# Seriennummer/Key von PowerDVD auslesen



## Ramrod (27. Dezember 2013)

Hab folgendes Problem. Bei meinem Brenner war PowerDVD auf der InstallationsCD mit dabei.
Jetzt habe Ich allerdings das Problem das die Disk nicht mehr lesbar ist und Ich gerne den Schlüssel vom installierten PowerDVD 10 vom Rechner auslesen möchte damit Ich das später mal neu installieren könnte.
Im Internet habe Ich bis jetzt nur die englische Demo vom 10er gefunden und trotzdem bleibt ja immer noch das Problem mit dem nicht ausgedruckten Schlüssel auf der CD vom Brenner.
Kennt Jemand ne Möglichkeit den Schlüssel rauszufinden und auch eventl. nen Link zur deutschen Demo von PowerDVD10.

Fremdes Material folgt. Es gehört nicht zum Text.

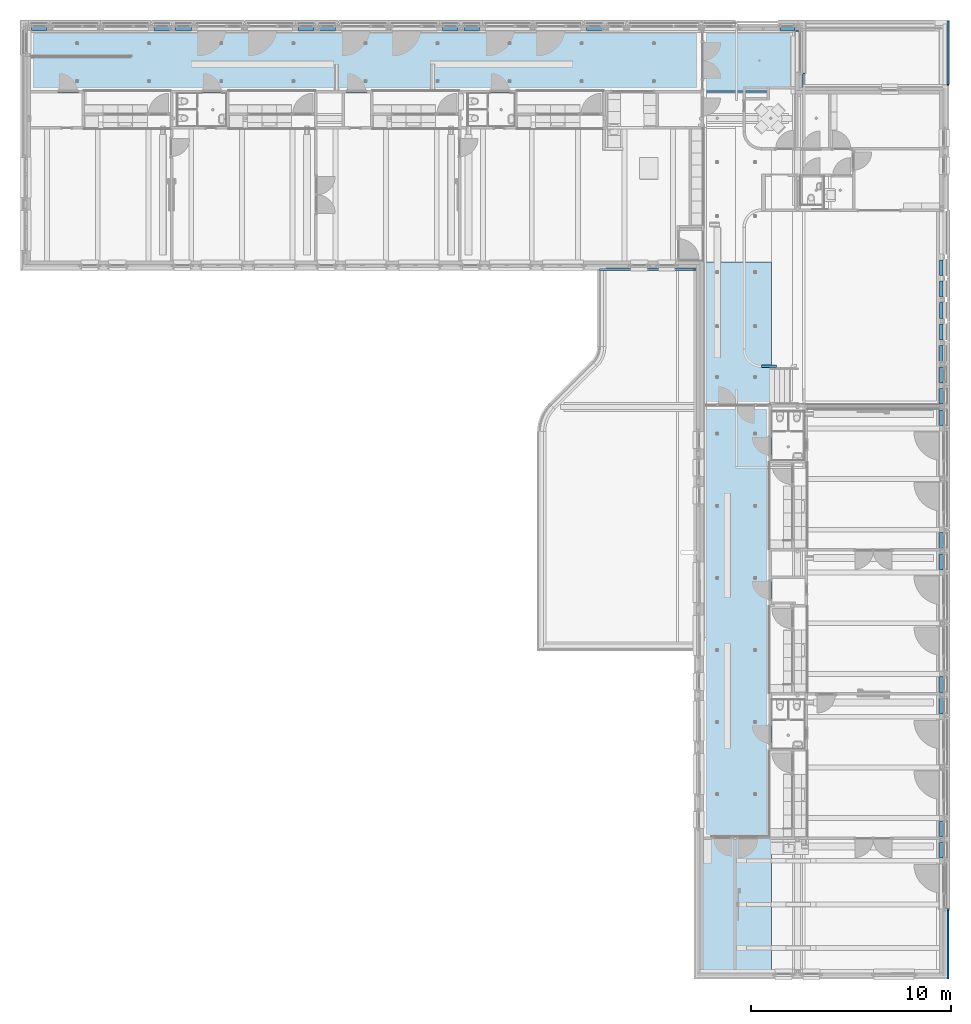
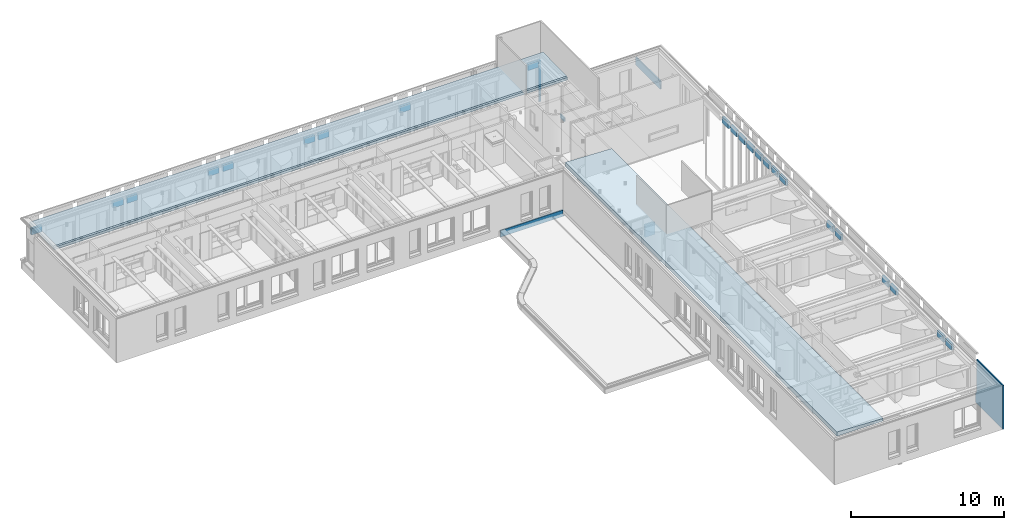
# One storey, part 60 of 128: 29 walls, 2 roofs, 1 opening.
"""IFC2X3 building model written with IfcOpenShell, lengths in millimetres."""

from ifc_helpers import new_model, entity, si_unit, converted_unit, derived_unit, direction, frame, frame_2d, origin, place, context, subcontext, project, spatial, rectangle, extrude, faceted_brep, material, layer, layer_set, layer_usage, type_object, element, save


model = new_model("IFC2X3")

# Units and contexts
model_context = context("Model", 3, precision=0.01, world=origin(), true_north=direction((6.123031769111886e-17, 1.0)))
body_context = subcontext(model_context, "Body", "Model", "MODEL_VIEW")
ifc_project = project(units=[si_unit("LENGTHUNIT", "METRE", prefix="MILLI"), si_unit("AREAUNIT", "SQUARE_METRE"), si_unit("VOLUMEUNIT", "CUBIC_METRE"), converted_unit("PLANEANGLEUNIT", "DEGREE", entity("IfcRatioMeasure", 0.017453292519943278), si_unit("PLANEANGLEUNIT", "RADIAN"), dimensions=[0, 0, 0, 0, 0, 0, 0]), si_unit("MASSUNIT", "GRAM", prefix="KILO"), derived_unit("MASSDENSITYUNIT", [(si_unit("MASSUNIT", "GRAM", prefix="KILO"), 1), (si_unit("LENGTHUNIT", "METRE"), -3)]), derived_unit("IONCONCENTRATIONUNIT", [(si_unit("MASSUNIT", "GRAM", prefix="KILO"), 1), (si_unit("LENGTHUNIT", "METRE"), -3)]), derived_unit("MOMENTOFINERTIAUNIT", [(si_unit("LENGTHUNIT", "METRE"), 4)]), si_unit("TIMEUNIT", "SECOND"), si_unit("FREQUENCYUNIT", "HERTZ"), si_unit("THERMODYNAMICTEMPERATUREUNIT", "DEGREE_CELSIUS"), derived_unit("THERMALTRANSMITTANCEUNIT", [(si_unit("MASSUNIT", "GRAM", prefix="KILO"), 1), (si_unit("THERMODYNAMICTEMPERATUREUNIT", "KELVIN"), -1), (si_unit("TIMEUNIT", "SECOND"), -3)]), derived_unit("THERMALCONDUCTANCEUNIT", [(si_unit("MASSUNIT", "GRAM", prefix="KILO"), 1), (si_unit("THERMODYNAMICTEMPERATUREUNIT", "KELVIN"), -1), (si_unit("TIMEUNIT", "SECOND"), -3), (si_unit("LENGTHUNIT", "METRE"), 1)]), derived_unit("VOLUMETRICFLOWRATEUNIT", [(si_unit("LENGTHUNIT", "METRE"), 3), (si_unit("TIMEUNIT", "SECOND"), -1)]), derived_unit("MASSFLOWRATEUNIT", [(si_unit("MASSUNIT", "GRAM", prefix="KILO"), 1), (si_unit("TIMEUNIT", "SECOND"), -1)]), derived_unit("ROTATIONALFREQUENCYUNIT", [(si_unit("TIMEUNIT", "SECOND"), -1)]), si_unit("ELECTRICCURRENTUNIT", "AMPERE"), si_unit("ELECTRICVOLTAGEUNIT", "VOLT"), si_unit("POWERUNIT", "WATT"), si_unit("FORCEUNIT", "NEWTON", prefix="KILO"), si_unit("ILLUMINANCEUNIT", "LUX"), si_unit("LUMINOUSFLUXUNIT", "LUMEN"), si_unit("LUMINOUSINTENSITYUNIT", "CANDELA"), derived_unit("USERDEFINED", [(si_unit("MASSUNIT", "GRAM", prefix="KILO"), -1), (si_unit("LENGTHUNIT", "METRE"), -2), (si_unit("TIMEUNIT", "SECOND"), 3), (si_unit("LUMINOUSFLUXUNIT", "LUMEN"), 1)]), derived_unit("USERDEFINED", [(si_unit("MASSUNIT", "GRAM", prefix="KILO"), 1), (si_unit("TIMEUNIT", "SECOND"), -3), (si_unit("LENGTHUNIT", "METRE"), 3), (si_unit("ELECTRICCURRENTUNIT", "AMPERE"), -2)]), derived_unit("SOUNDPOWERUNIT", [(si_unit("MASSUNIT", "GRAM", prefix="KILO"), 1), (si_unit("TIMEUNIT", "SECOND"), -3), (si_unit("LENGTHUNIT", "METRE"), 2)]), derived_unit("SOUNDPRESSUREUNIT", [(si_unit("MASSUNIT", "GRAM", prefix="KILO"), 1), (si_unit("LENGTHUNIT", "METRE"), -1), (si_unit("TIMEUNIT", "SECOND"), -2)]), derived_unit("LINEARVELOCITYUNIT", [(si_unit("LENGTHUNIT", "METRE"), 1), (si_unit("TIMEUNIT", "SECOND"), -1)]), si_unit("PRESSUREUNIT", "PASCAL"), derived_unit("USERDEFINED", [(si_unit("MASSUNIT", "GRAM", prefix="KILO"), 1), (si_unit("LENGTHUNIT", "METRE"), -2), (si_unit("TIMEUNIT", "SECOND"), -2)]), derived_unit("LINEARFORCEUNIT", [(si_unit("MASSUNIT", "GRAM", prefix="KILO"), 1), (si_unit("TIMEUNIT", "SECOND"), -2)]), derived_unit("PLANARFORCEUNIT", [(si_unit("MASSUNIT", "GRAM", prefix="KILO"), 1), (si_unit("LENGTHUNIT", "METRE"), -1), (si_unit("TIMEUNIT", "SECOND"), -2)]), derived_unit("SPECIFICHEATCAPACITYUNIT", [(si_unit("THERMODYNAMICTEMPERATUREUNIT", "KELVIN"), -1), (si_unit("LENGTHUNIT", "METRE"), 2), (si_unit("TIMEUNIT", "SECOND"), -2)]), derived_unit("HEATINGVALUEUNIT", [(si_unit("LENGTHUNIT", "METRE"), 2), (si_unit("TIMEUNIT", "SECOND"), -2)]), derived_unit("VAPORPERMEABILITYUNIT", [(si_unit("LENGTHUNIT", "METRE"), -1), (si_unit("TIMEUNIT", "SECOND"), 1)]), derived_unit("DYNAMICVISCOSITYUNIT", [(si_unit("MASSUNIT", "GRAM", prefix="KILO"), 1), (si_unit("TIMEUNIT", "SECOND"), -1), (si_unit("LENGTHUNIT", "METRE"), -1)]), derived_unit("THERMALEXPANSIONCOEFFICIENTUNIT", [(si_unit("THERMODYNAMICTEMPERATUREUNIT", "KELVIN"), -1)]), derived_unit("MODULUSOFELASTICITYUNIT", [(si_unit("MASSUNIT", "GRAM", prefix="KILO"), 1), (si_unit("LENGTHUNIT", "METRE"), -1), (si_unit("TIMEUNIT", "SECOND"), -2)]), derived_unit("ISOTHERMALMOISTURECAPACITYUNIT", [(si_unit("LENGTHUNIT", "METRE"), 3), (si_unit("MASSUNIT", "GRAM", prefix="KILO"), -1)]), derived_unit("MOISTUREDIFFUSIVITYUNIT", [(si_unit("TIMEUNIT", "SECOND"), -1), (si_unit("LENGTHUNIT", "METRE"), 2)])], contexts=[model_context])

# Site, building, storey
site_placement = place(None, frame((0.0, 300.0, 0.0)))
site = spatial("IfcSite", under=ifc_project, at=site_placement, Name="<Kadastrale nummers>", CompositionType="ELEMENT")
building_placement = place(site_placement, origin())
building = spatial("IfcBuilding", under=site, at=building_placement, CompositionType="ELEMENT")
storey_placement = place(building_placement, frame((0.0, 0.0, 3560.0000331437)))
storey = spatial("IfcBuildingStorey", under=building, at=storey_placement, Name="01 eerste verdieping", CompositionType="ELEMENT", Elevation=3560.0000331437)

# Walls
ifc_material_1 = material(Name="ISR_Metselwerk")
ifc_layer_1 = layer(ifc_material_1, 100.0)
ifc_layer_set_1 = layer_set([ifc_layer_1], Name="Basic Wall:21_DAT_metselwerk_100")
wall_type_1 = type_object("IfcWallType", Name="Basic Wall:21_DAT_metselwerk_100", PredefinedType="STANDARD", material=ifc_layer_set_1)
wall_1_placement = place(storey_placement, frame((48925.0, 2324.998623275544, 90.00000187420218), z_axis=(0.0, 0.0, 1.0), x_axis=(0.0, 1.0, 0.0)))
element("IfcWall", 1, at=wall_1_placement, inside=storey, type_object=wall_type_1, Name="Basic Wall:21_DAT_metselwerk_100", ObjectType="Basic Wall:21_DAT_metselwerk_100", context=body_context, shape_type="Brep", body=[
    faceted_brep([(0.0, -50.0, 0.0), (100.0, -50.0, 0.0), (3525.0013767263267, -50.0, 0.0), (3525.0013767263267, -50.0, 625.0), (3525.0013767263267, -50.0, 800.0), (3435.0013767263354, -50.0, 800.0), (3435.0013767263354, -50.0, 3500.0), (100.0, -50.0, 3500.0), (0.0, -50.0, 3500.0), (3525.0013767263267, 50.0, 0.0), (100.0, 50.0, 0.0), (0.0, 50.0, 0.0), (0.0, 50.0, 3500.0), (100.0, 50.0, 3500.0), (3435.0013767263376, 50.0, 3500.0), (3435.0013767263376, 50.0, 800.0), (3525.0013767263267, 50.0, 800.0), (3525.0013767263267, 50.0, 625.0)], [[[0, 1, 2, 3, 4, 5, 6, 7, 8]], [[9, 10, 11, 12, 13, 14, 15, 16, 17]], [[2, 1, 0, 11, 10, 9]], [[8, 7, 6, 14, 13, 12]], [[0, 8, 12, 11]], [[2, 9, 17, 16, 4, 3]], [[5, 4, 16, 15]], [[6, 5, 15, 14]]]),
])
wall_2_placement = place(storey_placement, frame((48925.0, 46950.0, 90.00000187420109), z_axis=(0.0, 0.0, 1.0), x_axis=(0.0, 1.0, 0.0)))
element("IfcWall", 2, at=wall_2_placement, inside=storey, type_object=wall_type_1, Name="Basic Wall:21_DAT_metselwerk_100", ObjectType="Basic Wall:21_DAT_metselwerk_100", context=body_context, shape_type="Brep", body=[
    faceted_brep([(0.0, -50.0, 0.0), (3225.0, -50.0, 0.0), (3225.0, -50.0, 625.0), (50.0, -50.0, 625.0), (50.0, -50.0, 299.99996498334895), (0.0, -50.0, 299.99996498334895), (0.0, 50.0, 0.0), (0.0, 50.0, 299.99996498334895), (50.0, 50.0, 299.99996498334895), (50.0, 50.0, 625.0), (3125.0, 50.0, 625.0), (3225.0, 50.0, 625.0), (3225.0, 50.0, 0.0), (3125.0, 50.0, 0.0)], [[[0, 1, 2, 3, 4, 5]], [[6, 7, 8, 9, 10, 11, 12, 13]], [[1, 0, 6, 13, 12]], [[3, 2, 11, 10, 9]], [[2, 1, 12, 11]], [[0, 5, 7, 6]], [[4, 8, 7, 5]], [[4, 3, 9, 8]]]),
])
ifc_material_2 = material(Name="ISR_Gips")
ifc_layer_2 = layer(ifc_material_2, 1.0)
ifc_material_3 = material(Name="ISR_Binnenwand")
ifc_layer_3 = layer(ifc_material_3, 123.0)
ifc_layer_4 = layer(ifc_material_2, 1.0)
ifc_layer_set_2 = layer_set([ifc_layer_2, ifc_layer_3, ifc_layer_4], Name="Basic Wall:22_DAT_binnenwand_125")
wall_type_2 = type_object("IfcWallType", Name="Basic Wall:22_DAT_binnenwand_125", PredefinedType="STANDARD", material=ifc_layer_set_2)
wall_3_placement = place(storey_placement, frame((40360.0, 32932.49999999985, 90.00000187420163), z_axis=(0.0, 0.0, 1.0), x_axis=(-1.0, 0.0, 0.0)))
element("IfcWall", 3, at=wall_3_placement, inside=storey, type_object=wall_type_2, Name="Basic Wall:22_DAT_binnenwand_125", ObjectType="Basic Wall:22_DAT_binnenwand_125", context=body_context, shape_type="Brep", body=[
    faceted_brep([(0.0, -62.50000000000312, 0.0), (52.14919277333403, -62.50000000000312, 0.0), (760.0, -62.50000000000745, 0.0), (760.0, -62.50000000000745, 1000.0), (214.26406002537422, -62.50000000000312, 1000.0), (167.65194200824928, -62.50000000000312, 996.3567283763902), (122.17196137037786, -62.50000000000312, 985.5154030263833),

Und bitte keine Kommentare von wegen das sich der Aufwand für die 10er nicht mehr lohnt, denn bei dem Rechner wo das laufen soll ist das mehr als ausreichend.

Gruß
Patrick


----------



## R4Z0R1911 (27. Dezember 2013)

Mit AIDA64 geht das.


----------



## Ramrod (30. Dezember 2013)

Geht nicht, zeigt Nix an. Noch nicht einmal von anderen Programmen werden die Schlüssel angezeigt.


----------



## Chimera (30. Dezember 2013)

Google mal nach "License Crawler", dies kann helfen  Ist ein hilfreiches Tool, welches mir bei einem ähnlichen Programmproblem schon geholfen hat. Findest es z.B. bei Chip als Download oder direkt beim "Hersteller" (Klinzmann). Damit wird einfach der PC abgesucht (z.B. Registry) und alle dort auffindbaren Keys aufgelistet.


----------



## Ramrod (30. Dezember 2013)

Bringt mir aber leider Nix, die Seriennummer kann Ich nicht verwenden.


----------